- Born: Thomas Richard Sharplin 5 April 1949 (age 77) Auckland, New Zealand
- Genres: Rock and roll
- Occupation: Singer
- Instrument: Voice
- Years active: 1960s - present
- Labels: Mirage, Music World, RCA, Kontact Records, Pye, Festival, Reaction Records
- Formerly of: Tom Sharplin and the Rockets, Tom Sharplin and the Cadillacs

= Tom Sharplin =

Tom Sharplin is a New Zealand rock and roll singer who has been performing since the 1960s. As a solo artist he had hits with "Love Is a Beautiful Song" and "Pretty Blue Eyes".

==Background==
Tom Sharplin grew up in Tauranga, New Zealand. This is where he was first exposed to the music of rock 'n' roll. It was at age fourteen when he saw Kinks, Manfred Mann, The Honeycombs and New Zealand singer Tommy Adderley on stage that gave him the desire to be a performer. Adderley was the one who made an impression on him. He did some early performances in his town, but he had aspirations to be a full-time performer in Auckland. He wanted to make a living at it so he took singing lessons.

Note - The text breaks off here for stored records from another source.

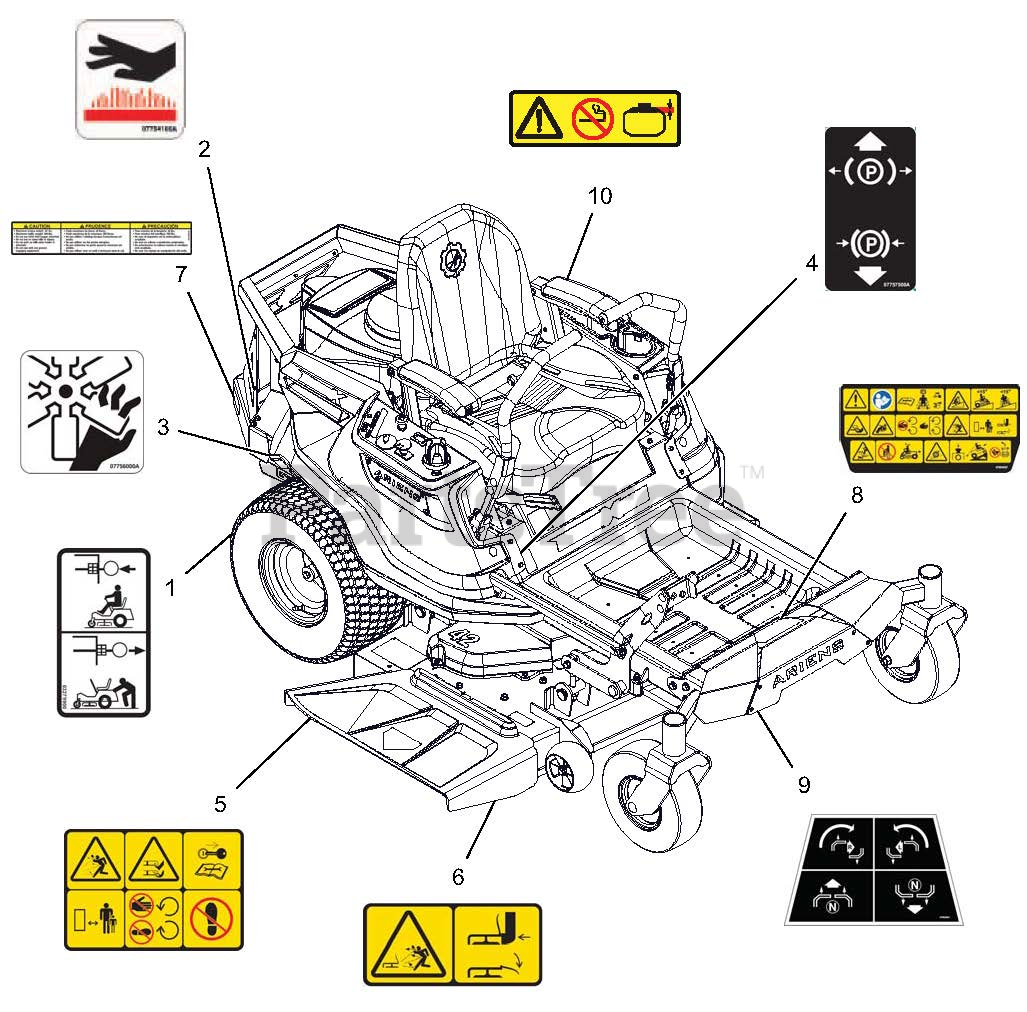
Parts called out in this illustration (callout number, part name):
1	DECAL, TRANSMISSION DISCONNECT
2	DECAL, HOT SURFACE
3	DECAL, DANGER FAN
4	DECAL, PARKING BRAKE LEVER
5	DECAL, SAFETY - MOWER DECK
6	DECAL, SAFETY - DECK GUARDING
7	DECAL, TRAILER HITCH
8	DECAL, MAIN SAFETY
9	DECAL, STEERING
10	DECAL, FUEL WARNING

When Sharplin was six years of age, he and his brother were riding on the back of his uncle's tractor. The tractor hit a tree stump which caused him to fall off. One of plough-discs ran over Tom's right foot. he lost his foot and the top of a finger. Six years later, the leg was amputated 15 cm below the knee to allow for a better fit with his prosthetic leg.

Sharplin is the president of the Variety Artist Club in New Zealand and has held that position since 2005.

Sharplin was instrumental in helping Russell Crowe in his music career and advising him to take a performing name which was Russ Le Roq.

==Career==
===1960s to 1970s===
In late 1971, Sharplin released his first single, "Love Is a Beautiful Song" / We've Got a Groovy Thing Going". The single was a hit and peaked at No 12 on the New Zealand national charts. In 1973, he released "Love Is a River" / "I'll Get Along" on the Kontact label. In 1974, he released "Heart Beat" / "Give Me A Dream", also on the Kontact label.

In 1978, he released his Rock Around the Clock album on the Music World label. The album was also issued as Rock'n'Roll.

Tom Sharplin & The Rockets were booked to appear at the Aranui hotel in Christchurch from 6–11 February 1978.

Two singles from Sharplin's Rock Around the Clock aka Rock 'n Roll album were released on the Mirage label in 1979. They were "Pretty Blue Eyes" / "I Knew the Bride" which made it to No. 39 on the New Zealand national top forty and "Blue Moon"/"Three Steps to Heaven".

===1980s - 1990s===
In 1982 he formed the group, Tom Sharplin and the Cadillacs. He did well with the band over the next four decades. They were the resident band at his ownAuckland nightclub, King Creoles. Also in the same period he was the star of the Television New Zealand show Rock Around the Clock.

With Jodi Vaughan, Sharplin recorded Hey Paula. The song was a Top Country Duet of the Year Award winner for 1984.

===2000s to present===
In July 2012, Sharplin and his backing band, The Cadillacs performed to a capacity crowd at the Coronation Hall in Otago. This was part of his Operatunity daytime concert series national tour.

In 2025, Sharplin presented singer Dinah Lee with a Benny Award.